1. Daimler will become more stable and will face lesser financial risk without Chrysler.

2. Daimler will also get rid of the $19 billion in pension and health care liabilities that it will shoulder if its money-losing arm is not sold.

3. Daimler can now focus all its efforts, time, energy, and finances on profitable ventures especially on its premier cars and trucks.

According to Jack R. Nerad, an analyst with KBB in Irvine, California, "I see this as a very good move for Daimler."

Daimler is not the only one with the advantages even Chrysler will obtain benefits out from the sale such as:

1. Chrysler will finally get large cash funding from its new owners.

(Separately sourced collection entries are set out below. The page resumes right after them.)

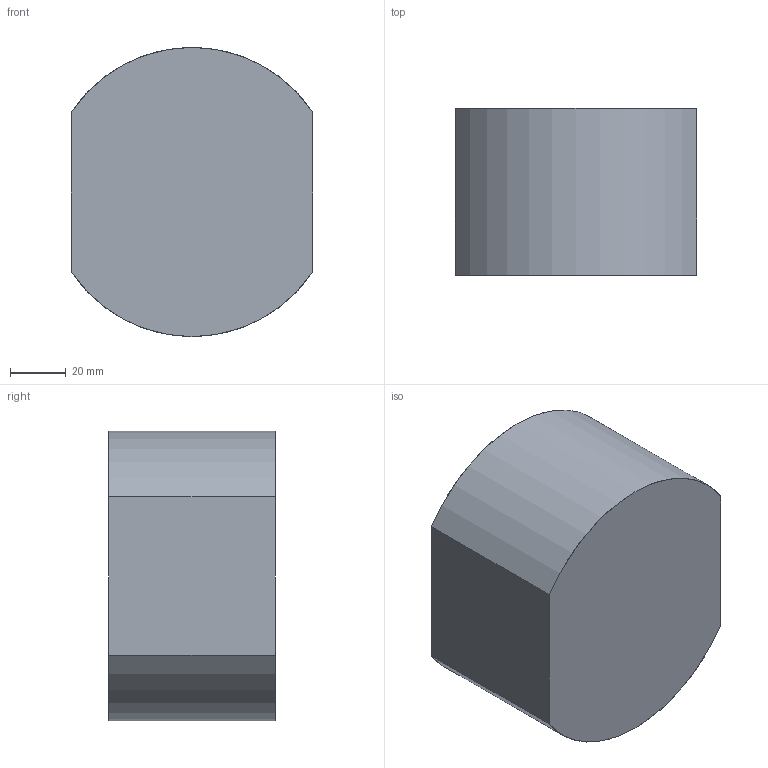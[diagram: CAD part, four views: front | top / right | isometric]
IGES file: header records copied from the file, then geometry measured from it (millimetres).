
Start section: SolidWorks IGES file using analytic representation for surfaces
Global section: file name: C:\Users\Agamemnon\Dropbox\BR-Engineering\PROJECTS\BROV2-HEAVY\MODELS\DEVELOPMENT\BROV2-HEAVY-FILES\BROV2-HEAVY-P-BUOYANCY-X1B1.IGS; native system: SolidWorks 2016; preprocessor: SolidWorks 2016; author: Agamemnon; date: 180619.144829; units: metre
Bounding box: 87 x 60 x 104 mm (x, y, z)
Surface area: 34880.2 mm2 (no closed solid volume)
Topology: 0 solids, 0 shells, 7 faces, 88 edges, 88 vertices
Faces by surface type: bspline 4, revolution 3

This will give the Auburn Hills automaker far greater staying power to compete with the likes of Ford, General Motors and other foreign automakers.

2. Chrysler may now also focus its efforts in developing long terms strategy instead of worrying how it would fare from quarter to quarter.

3. Chrysler may now focus on North American and who knows maybe the inroads Jeep has made into China.

About the Author

Dwyane Thomas is a part time cook and full-time auto-enthusiast. This 31-year old Civil and Environmental graduate is a consultant at one of the engineering firms in Pennsylvania.